Threshold of primordial black hole formation

TL;DR

This work derives a new analytic threshold for primordial black hole formation in a flat FRW universe with p = w ρ c^2 (w ≥ 0), showing δ^{UH}_{H c} = sin^{2}(π sqrt(w)/(1+3w)) and a corresponding comoving threshold tildeδ_c = [3(1+w)/(5+3w)] sin^{2}(π sqrt(w)/(1+3w)). The authors validate the result against state-of-the-art numerical simulations, finding qualitative and quantitative agreement that improves upon Carr's traditional estimates, particularly for small w and near w = 1/3. They connect horizon-crossing perturbations in the uniform Hubble slice to comoving-density perturbations, and extend the analysis to the statistical distribution of perturbations via curvature variables ζ and bar{ζ}, with implications for PBH abundance. The approach—centered on a three-zone model and a sound-crossing vs collapse timescale criterion—offers a physically motivated, relatively robust threshold across a range of equations of state, informing early-Universe scenario constraints and PBH production estimates.

Abstract

Based on a physical argument, we derive a new analytic formula for the amplitude of density perturbation at the threshold of primordial black hole formation in the universe dominated by a perfect fluid with the equation of state $p=wρc^{2}$ for $w\ge 0$. The formula gives $δ^{\rm UH}_{H c}=\sin^{2}[π\sqrt{w}/(1+3w)]$ and $\tildeδ_{c}=[3(1+w)/(5+3w)]\sin^{2}[π\sqrt{w}/(1+3w)]$, where $δ^{\rm UH}_{H c}$ and $\tildeδ_{c}$ are the amplitude of the density perturbation at the horizon crossing time in the uniform Hubble slice and the amplitude measure used in numerical simulations, respectively, while the conventional one gives $δ^{\rm UH}_{H c}=w$ and $\tildeδ_{c}=3w(1+w)/(5+3w)$. Our formula shows a much better agreement with the result of recent numerical simulations both qualitatively and quantitatively than the conventional formula. For a radiation fluid, our formula gives $δ^{\rm UH}_{H c}=\sin^{2}(\sqrt{3}π/6)\simeq 0.6203$ and $\tildeδ_{c}=(2/3)\sin^{2}(\sqrt{3}π/6)\simeq 0.4135$. We also discuss the maximum amplitude and the cosmological implications of the present result.

Figures (4)

• Figure 1: The schematic figure of the three-zone model of density perturbation.
• Figure 2: The trajectories of the sound waves and apparent horizons in the $\eta\chi$ plane for the formation threshold.

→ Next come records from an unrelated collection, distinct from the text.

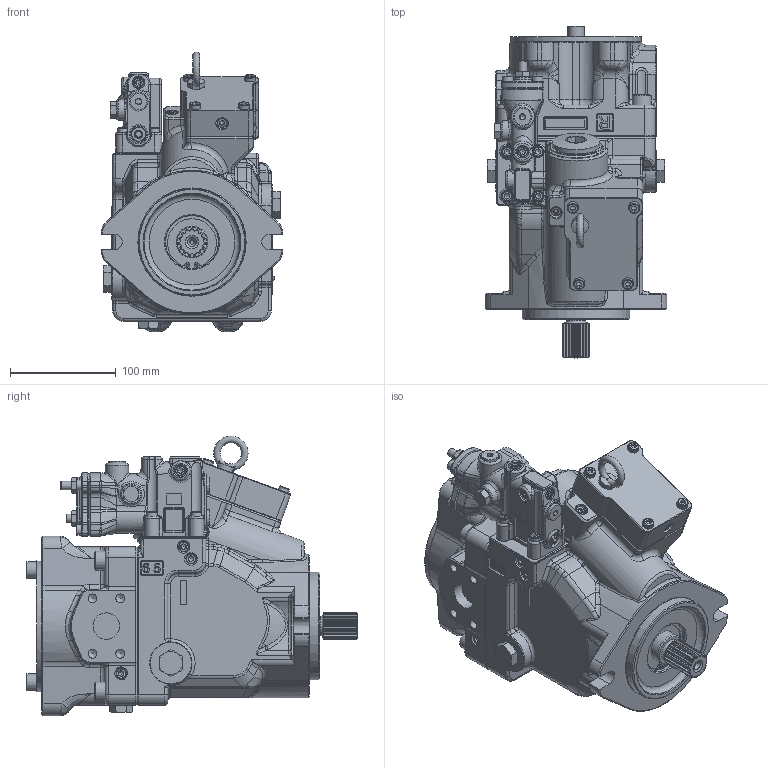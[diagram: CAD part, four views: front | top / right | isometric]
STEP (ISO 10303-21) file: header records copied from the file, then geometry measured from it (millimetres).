
FILE_DESCRIPTION(/* description */ (''),/* implementation_level */ '2;1');
FILE_NAME(/* name */ 'K3VLS65-1NRBBH-L1A00.stp',/* time_stamp */ '2025-09-23T13:58:53+01:00',/* author */ ('jhatcher'),/* organization */ (''),/* preprocessor_version */ 'ST-DEVELOPER v20',/* originating_system */ 'Autodesk Inventor 2024',/* authorisation */ '');
FILE_SCHEMA (('AUTOMOTIVE_DESIGN { 1 0 10303 214 3 1 1 }'));
Products named in the file (1): K3VLS65-1NRBBH-L1A00
Bounding box: 172 x 314 x 264.76 mm (x, y, z)
Volume: 5568282.3 mm3; surface area: 280270.4 mm2
Topology: 1 solids, 1 shells, 3173 faces, 7996 edges, 4902 vertices
Faces by surface type: plane 1282, cylinder 820, bspline 544, cone 352, torus 159, sphere 16
Full cylindrical faces by diameter (mm): 2.5 x2, 4 x3, 8 x2, 8.376 x8, 9.4 x11, 10 x12, 10.106 x4, 11 x12, 12 x11, 16 x5, 18 x8, 18.2 x1, 20 x5, 22 x1, 25 x2, 30 x1, 45 x1, 50 x2, 53 x1, 101.6 x1, 124 x1
Entity records: 111450 total; most frequent: CARTESIAN_POINT 38760, ORIENTED_EDGE 15778, DIRECTION 14111, EDGE_CURVE 7889, AXIS2_PLACEMENT_3D 5150, VERTEX_POINT 4902, LINE 3811, VECTOR 3811

The sound wave just crosses over the radius of the overdense region from the big bang to the maximum expansion, which is denoted by a thick solid line. The stronger and weaker conditions are also shown by thin dashed lines.
• Figure 3: The threshold values and the maximum value of the density perturbation variable $\tilde{\delta}$ in the comoving slice for different values of $w$. The crosses plot the result of numerical simulations by Musco and Miller Musco:2012au for the profile parameter $\alpha=0$ or a Gaussian curvature profile. The solid, long-dashed and dashed lines denote the analytic formula obtained in Sec. \ref{['subsec:threshold_derivation']}, Carr's original formula and its gauged version, respectively. We also plot our stronger and weaker conditions with thin dotted-dashed lines, which are discussed in Sec. \ref{['subsec:threshold_derivation']}. The short-dashed line denotes the geometrical maximum value, corresponding to a three-hemisphere.
• Figure 4: The threshold values of the curvature perturbations $\bar{\zeta}$ and $\zeta$ for different values of $w$. The lower thick and upper thin solid lines denote our analytic formula for the threshold $\bar{\zeta}_{c}$ and the value $\bar{\zeta}_{h}$ for a three-hemisphere, respectively. The lower thick and upper thin dashed lines denote our analytic formula for the threshold $\zeta_{c}$ and the value $\zeta_{h}$ for a three-hemisphere, respectively, under the approximation described in the text. The regions below and above the three-hemisphere line correspond to type I and II fluctuations, respectively, for each of $\bar{\zeta}$ and $\zeta$.